#### [Provided material]
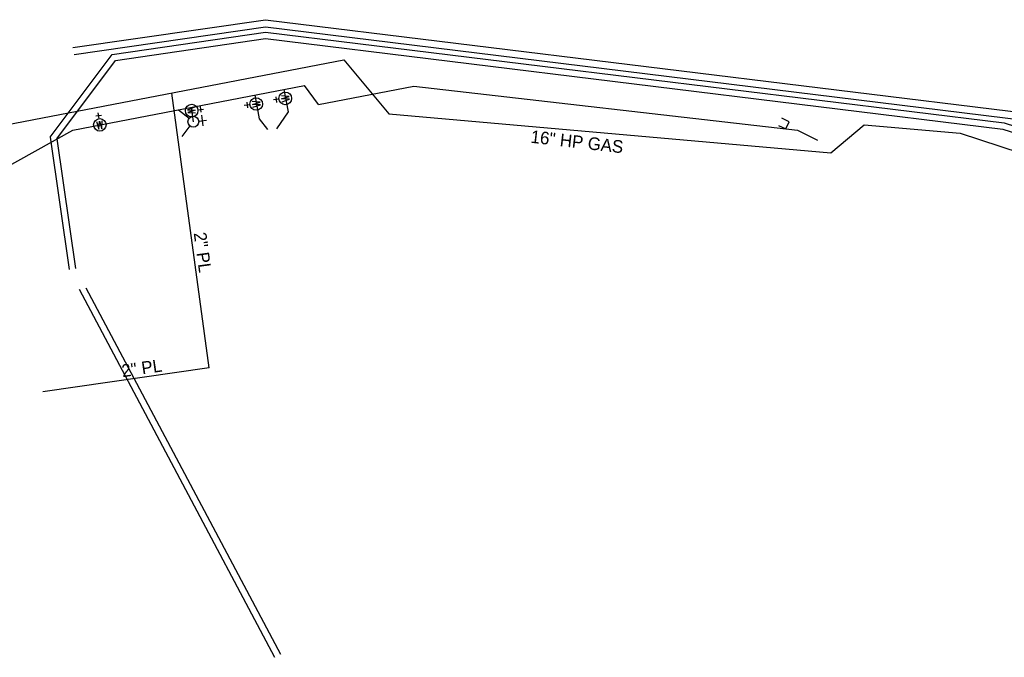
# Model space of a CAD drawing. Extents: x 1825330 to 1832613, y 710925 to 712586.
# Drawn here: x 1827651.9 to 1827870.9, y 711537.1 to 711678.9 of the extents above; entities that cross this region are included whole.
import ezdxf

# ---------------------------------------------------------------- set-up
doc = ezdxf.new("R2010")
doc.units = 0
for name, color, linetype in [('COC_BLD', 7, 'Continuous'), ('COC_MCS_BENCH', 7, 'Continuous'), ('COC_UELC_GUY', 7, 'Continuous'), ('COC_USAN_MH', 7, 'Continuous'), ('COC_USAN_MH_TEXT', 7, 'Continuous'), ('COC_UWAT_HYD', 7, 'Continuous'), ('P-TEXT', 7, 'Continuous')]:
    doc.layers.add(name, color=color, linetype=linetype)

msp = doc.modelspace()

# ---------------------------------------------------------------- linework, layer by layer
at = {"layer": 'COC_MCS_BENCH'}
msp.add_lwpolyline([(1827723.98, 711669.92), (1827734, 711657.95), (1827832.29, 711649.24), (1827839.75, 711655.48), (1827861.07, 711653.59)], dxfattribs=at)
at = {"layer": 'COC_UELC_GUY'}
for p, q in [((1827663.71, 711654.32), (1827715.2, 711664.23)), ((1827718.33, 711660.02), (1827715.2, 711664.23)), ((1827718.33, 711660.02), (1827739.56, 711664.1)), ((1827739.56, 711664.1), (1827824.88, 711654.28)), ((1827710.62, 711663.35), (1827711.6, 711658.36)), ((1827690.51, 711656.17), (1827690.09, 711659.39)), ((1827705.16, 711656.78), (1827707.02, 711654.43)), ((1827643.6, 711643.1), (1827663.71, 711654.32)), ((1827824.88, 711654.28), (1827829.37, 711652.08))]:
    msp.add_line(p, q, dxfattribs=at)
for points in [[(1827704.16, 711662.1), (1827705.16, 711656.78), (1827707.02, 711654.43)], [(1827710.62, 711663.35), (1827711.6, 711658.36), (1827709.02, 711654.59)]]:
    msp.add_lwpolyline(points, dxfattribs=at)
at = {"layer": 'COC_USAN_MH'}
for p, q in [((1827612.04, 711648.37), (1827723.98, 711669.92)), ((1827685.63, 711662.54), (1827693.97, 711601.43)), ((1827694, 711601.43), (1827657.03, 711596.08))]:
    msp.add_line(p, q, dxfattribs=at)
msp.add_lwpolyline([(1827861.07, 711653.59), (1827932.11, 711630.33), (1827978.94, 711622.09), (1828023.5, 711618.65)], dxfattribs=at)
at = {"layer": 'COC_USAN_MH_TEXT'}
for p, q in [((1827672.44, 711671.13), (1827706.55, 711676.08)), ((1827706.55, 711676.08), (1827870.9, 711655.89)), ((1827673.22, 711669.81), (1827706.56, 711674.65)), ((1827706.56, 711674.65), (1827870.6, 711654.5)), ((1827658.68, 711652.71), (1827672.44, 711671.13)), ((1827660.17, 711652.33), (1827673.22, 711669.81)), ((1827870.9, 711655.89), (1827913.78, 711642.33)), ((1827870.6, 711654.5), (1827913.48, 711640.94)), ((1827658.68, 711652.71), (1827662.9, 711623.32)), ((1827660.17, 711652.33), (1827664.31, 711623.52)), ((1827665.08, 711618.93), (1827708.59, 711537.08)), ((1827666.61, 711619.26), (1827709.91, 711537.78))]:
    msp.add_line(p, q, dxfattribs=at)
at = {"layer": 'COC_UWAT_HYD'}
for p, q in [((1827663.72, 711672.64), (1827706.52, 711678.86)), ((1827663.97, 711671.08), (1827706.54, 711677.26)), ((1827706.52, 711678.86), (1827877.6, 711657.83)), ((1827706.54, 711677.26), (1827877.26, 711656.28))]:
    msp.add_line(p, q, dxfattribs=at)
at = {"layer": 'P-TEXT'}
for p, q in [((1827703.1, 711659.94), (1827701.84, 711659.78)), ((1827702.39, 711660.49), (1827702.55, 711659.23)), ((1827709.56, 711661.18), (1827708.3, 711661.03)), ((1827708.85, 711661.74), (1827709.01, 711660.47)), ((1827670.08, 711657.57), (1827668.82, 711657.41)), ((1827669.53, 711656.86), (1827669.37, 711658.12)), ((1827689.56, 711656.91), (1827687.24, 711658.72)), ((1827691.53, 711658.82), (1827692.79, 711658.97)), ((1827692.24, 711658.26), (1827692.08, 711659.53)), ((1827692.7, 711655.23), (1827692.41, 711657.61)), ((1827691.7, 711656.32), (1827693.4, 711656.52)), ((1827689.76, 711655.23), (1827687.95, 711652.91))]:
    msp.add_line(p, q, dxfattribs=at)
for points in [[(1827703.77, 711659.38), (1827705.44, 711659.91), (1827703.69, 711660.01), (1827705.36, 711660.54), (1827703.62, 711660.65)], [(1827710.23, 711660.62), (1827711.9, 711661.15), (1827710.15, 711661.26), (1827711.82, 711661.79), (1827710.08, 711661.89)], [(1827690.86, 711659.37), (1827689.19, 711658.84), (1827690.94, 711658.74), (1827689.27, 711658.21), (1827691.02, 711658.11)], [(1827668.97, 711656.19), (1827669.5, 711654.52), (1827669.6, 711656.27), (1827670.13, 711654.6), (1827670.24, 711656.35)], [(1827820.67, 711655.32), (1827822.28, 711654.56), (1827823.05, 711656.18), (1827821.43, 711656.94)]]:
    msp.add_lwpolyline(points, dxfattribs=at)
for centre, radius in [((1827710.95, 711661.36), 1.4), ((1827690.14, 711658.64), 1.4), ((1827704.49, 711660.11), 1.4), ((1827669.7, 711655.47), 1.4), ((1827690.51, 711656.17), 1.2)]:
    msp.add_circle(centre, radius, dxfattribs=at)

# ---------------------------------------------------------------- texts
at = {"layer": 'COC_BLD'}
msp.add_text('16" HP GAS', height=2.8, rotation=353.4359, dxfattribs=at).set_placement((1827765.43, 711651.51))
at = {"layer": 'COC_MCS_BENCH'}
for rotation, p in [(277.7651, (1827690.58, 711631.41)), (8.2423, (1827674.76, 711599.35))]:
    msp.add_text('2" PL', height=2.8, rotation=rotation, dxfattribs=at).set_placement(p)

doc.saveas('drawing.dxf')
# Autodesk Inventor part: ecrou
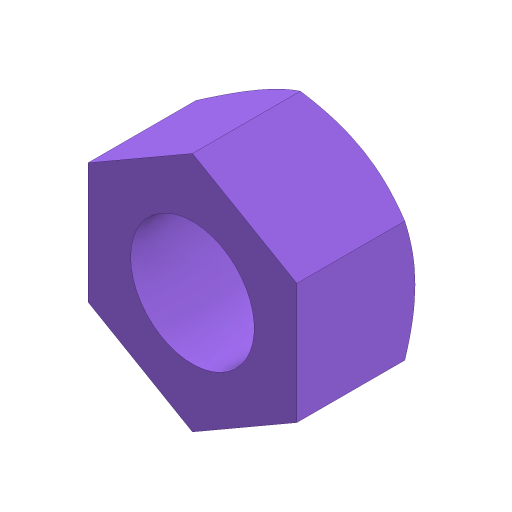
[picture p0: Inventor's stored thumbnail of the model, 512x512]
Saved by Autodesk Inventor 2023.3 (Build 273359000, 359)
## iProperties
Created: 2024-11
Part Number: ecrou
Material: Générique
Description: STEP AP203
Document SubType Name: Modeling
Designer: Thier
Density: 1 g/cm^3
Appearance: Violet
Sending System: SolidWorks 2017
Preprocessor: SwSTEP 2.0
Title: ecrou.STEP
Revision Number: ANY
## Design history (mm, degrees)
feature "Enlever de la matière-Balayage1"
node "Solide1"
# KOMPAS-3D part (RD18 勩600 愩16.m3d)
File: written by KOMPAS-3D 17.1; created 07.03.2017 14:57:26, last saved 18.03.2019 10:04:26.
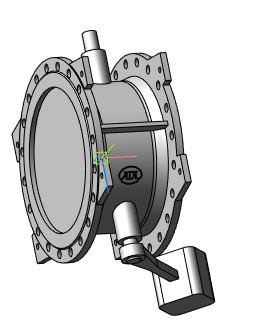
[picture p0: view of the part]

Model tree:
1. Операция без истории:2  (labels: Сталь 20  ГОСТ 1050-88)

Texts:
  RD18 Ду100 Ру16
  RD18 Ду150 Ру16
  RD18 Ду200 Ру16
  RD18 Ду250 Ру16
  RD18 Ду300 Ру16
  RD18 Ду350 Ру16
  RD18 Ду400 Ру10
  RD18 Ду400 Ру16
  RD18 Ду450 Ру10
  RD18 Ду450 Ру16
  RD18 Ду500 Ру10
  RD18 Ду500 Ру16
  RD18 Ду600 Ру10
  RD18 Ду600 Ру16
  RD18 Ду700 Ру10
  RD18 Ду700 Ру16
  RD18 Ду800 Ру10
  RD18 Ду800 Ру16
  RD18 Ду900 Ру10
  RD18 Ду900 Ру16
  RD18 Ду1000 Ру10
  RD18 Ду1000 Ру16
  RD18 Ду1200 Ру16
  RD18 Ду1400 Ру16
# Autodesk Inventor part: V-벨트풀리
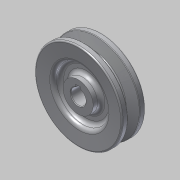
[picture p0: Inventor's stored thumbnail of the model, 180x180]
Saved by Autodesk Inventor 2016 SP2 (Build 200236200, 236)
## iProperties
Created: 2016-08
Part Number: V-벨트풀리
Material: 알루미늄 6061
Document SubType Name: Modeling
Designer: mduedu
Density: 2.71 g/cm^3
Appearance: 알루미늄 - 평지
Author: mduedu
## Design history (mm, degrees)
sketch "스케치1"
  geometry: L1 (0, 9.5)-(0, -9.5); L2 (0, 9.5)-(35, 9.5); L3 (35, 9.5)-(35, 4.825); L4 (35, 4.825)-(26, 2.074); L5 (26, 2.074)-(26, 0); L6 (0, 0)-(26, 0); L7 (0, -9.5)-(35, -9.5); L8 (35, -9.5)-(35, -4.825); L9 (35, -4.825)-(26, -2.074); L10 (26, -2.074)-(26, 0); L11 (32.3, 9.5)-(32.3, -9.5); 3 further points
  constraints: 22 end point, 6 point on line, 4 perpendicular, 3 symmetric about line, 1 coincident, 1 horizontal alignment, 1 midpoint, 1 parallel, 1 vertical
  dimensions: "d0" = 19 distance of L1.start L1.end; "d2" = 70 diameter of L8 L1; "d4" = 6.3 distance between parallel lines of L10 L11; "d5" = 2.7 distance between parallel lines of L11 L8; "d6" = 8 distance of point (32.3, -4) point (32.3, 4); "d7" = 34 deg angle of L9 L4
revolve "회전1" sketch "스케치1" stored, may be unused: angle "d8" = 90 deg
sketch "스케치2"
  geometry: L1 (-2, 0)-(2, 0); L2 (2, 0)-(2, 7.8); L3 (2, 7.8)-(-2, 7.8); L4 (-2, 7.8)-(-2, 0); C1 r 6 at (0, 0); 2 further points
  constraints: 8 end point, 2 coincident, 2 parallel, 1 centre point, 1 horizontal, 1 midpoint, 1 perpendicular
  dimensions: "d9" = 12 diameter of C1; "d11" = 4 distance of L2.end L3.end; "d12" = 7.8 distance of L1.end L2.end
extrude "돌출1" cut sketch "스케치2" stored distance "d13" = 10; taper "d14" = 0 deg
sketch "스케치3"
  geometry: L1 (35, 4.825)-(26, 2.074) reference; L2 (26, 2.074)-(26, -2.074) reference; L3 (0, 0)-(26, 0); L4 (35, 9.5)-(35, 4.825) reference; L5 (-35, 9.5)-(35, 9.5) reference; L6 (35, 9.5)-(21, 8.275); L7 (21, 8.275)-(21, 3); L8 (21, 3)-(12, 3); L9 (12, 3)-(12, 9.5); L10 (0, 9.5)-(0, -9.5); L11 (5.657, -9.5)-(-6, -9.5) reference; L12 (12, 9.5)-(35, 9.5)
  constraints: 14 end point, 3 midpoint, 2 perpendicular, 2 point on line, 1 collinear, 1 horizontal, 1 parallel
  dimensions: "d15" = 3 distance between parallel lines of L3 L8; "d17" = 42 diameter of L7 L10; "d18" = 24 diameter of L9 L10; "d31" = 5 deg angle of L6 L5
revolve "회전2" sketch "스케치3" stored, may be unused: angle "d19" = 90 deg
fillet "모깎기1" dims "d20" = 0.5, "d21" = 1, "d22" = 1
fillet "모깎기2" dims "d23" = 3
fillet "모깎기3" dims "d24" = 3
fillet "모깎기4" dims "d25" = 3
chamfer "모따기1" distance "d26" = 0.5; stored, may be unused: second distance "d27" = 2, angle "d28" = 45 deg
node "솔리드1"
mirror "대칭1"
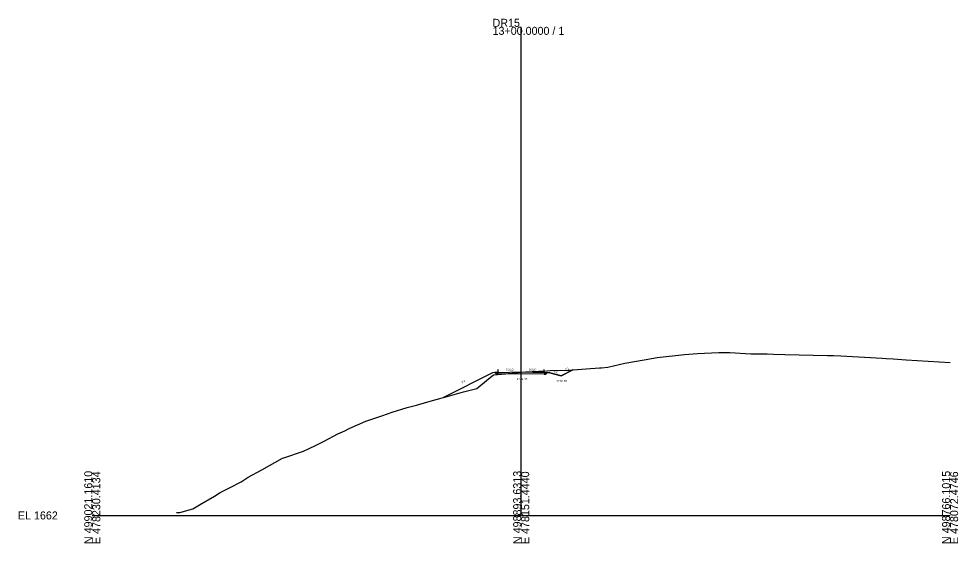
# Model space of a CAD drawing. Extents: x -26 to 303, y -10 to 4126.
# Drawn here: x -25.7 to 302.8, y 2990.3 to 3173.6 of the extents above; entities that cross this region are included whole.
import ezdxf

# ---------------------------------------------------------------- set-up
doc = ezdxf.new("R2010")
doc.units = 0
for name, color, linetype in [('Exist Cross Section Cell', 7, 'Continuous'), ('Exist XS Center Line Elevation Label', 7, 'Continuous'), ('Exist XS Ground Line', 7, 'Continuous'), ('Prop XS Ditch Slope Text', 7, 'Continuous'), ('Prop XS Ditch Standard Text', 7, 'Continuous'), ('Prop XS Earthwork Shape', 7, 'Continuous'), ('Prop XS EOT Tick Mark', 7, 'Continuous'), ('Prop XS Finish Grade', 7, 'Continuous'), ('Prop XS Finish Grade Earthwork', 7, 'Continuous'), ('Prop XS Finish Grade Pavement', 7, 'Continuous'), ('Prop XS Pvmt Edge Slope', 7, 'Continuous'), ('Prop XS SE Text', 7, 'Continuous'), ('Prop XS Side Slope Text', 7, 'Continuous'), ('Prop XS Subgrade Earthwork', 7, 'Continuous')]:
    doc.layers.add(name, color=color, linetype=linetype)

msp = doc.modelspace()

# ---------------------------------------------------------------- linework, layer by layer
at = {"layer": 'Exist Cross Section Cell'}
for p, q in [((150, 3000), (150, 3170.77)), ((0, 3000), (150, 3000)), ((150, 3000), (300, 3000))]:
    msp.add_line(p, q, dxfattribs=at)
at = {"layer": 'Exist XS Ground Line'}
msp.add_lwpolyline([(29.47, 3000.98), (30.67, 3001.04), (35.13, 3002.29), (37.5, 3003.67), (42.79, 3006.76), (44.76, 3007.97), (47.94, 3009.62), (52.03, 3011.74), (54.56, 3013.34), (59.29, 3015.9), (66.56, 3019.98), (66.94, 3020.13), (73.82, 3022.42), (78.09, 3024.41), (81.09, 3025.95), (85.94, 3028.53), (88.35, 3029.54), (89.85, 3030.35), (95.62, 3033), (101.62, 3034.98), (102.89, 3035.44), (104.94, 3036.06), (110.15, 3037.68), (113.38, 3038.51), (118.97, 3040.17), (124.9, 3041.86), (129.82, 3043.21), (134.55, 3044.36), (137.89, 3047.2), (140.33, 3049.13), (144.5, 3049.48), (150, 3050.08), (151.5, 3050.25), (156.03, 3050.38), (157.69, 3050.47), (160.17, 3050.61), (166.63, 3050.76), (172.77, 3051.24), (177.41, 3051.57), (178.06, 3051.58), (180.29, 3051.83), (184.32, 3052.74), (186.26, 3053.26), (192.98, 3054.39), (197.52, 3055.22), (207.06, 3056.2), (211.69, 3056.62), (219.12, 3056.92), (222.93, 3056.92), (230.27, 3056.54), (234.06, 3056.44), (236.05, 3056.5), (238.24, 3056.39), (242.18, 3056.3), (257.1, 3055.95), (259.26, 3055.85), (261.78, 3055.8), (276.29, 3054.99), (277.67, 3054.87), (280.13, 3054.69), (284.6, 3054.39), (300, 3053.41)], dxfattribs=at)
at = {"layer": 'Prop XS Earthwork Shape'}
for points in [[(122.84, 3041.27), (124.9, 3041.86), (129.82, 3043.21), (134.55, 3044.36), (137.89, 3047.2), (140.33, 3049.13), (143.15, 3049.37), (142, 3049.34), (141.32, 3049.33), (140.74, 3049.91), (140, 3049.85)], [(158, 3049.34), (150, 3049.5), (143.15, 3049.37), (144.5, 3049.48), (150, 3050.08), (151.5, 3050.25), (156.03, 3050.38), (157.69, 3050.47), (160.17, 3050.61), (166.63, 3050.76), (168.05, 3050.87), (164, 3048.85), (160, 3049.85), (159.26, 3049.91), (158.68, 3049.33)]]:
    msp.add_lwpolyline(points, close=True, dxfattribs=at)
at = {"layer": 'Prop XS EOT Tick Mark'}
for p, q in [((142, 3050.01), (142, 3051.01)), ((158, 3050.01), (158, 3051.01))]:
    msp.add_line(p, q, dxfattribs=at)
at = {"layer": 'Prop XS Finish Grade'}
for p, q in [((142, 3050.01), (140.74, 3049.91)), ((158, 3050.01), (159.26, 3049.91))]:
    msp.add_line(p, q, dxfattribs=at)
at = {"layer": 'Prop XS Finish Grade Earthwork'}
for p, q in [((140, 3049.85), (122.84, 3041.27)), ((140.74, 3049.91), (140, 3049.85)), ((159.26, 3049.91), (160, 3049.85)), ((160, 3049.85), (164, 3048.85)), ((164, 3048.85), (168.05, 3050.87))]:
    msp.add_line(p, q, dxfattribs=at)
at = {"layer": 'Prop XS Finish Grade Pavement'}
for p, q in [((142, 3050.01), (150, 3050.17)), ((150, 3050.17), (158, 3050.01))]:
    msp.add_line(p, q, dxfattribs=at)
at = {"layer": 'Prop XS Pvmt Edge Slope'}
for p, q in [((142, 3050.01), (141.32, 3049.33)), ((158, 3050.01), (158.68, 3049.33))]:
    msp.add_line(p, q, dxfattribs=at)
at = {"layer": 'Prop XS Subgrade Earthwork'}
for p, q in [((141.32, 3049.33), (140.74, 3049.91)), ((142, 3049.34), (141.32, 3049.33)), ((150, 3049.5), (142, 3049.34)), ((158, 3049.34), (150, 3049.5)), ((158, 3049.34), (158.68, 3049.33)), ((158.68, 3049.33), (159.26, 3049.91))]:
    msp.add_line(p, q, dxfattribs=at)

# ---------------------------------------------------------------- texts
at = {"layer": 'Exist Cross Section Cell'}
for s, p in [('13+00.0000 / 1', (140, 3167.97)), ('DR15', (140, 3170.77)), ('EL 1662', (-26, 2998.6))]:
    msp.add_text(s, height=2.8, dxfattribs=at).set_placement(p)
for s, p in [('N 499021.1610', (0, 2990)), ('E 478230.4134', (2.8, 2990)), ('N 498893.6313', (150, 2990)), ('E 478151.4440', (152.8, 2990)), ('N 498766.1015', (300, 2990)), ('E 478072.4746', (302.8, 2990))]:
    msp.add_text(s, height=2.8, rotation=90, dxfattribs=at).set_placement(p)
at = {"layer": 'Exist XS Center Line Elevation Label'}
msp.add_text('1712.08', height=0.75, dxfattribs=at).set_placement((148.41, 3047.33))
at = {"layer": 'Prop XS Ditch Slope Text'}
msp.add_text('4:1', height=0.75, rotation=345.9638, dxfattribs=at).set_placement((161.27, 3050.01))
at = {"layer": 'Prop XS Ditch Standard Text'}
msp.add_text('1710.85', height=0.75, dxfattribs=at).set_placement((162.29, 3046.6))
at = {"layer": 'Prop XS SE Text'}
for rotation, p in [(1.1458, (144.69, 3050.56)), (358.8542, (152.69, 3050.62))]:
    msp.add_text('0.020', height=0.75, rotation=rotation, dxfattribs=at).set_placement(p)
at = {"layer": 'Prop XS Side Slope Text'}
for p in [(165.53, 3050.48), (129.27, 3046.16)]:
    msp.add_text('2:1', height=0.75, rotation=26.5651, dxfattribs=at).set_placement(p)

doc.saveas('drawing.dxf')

#### [What needs to be done]
Every line that contains the string "radius" should be copied from the records.

#### [Response area]
for centre, radius in [((1827710.95, 711661.36), 1.4), ((1827690.14, 711658.64), 1.4), ((1827704.49, 711660.11), 1.4), ((1827669.7, 711655.47), 1.4), ((1827690.51, 711656.17), 1.2)]:
    msp.add_circle(centre, radius, dxfattribs=at)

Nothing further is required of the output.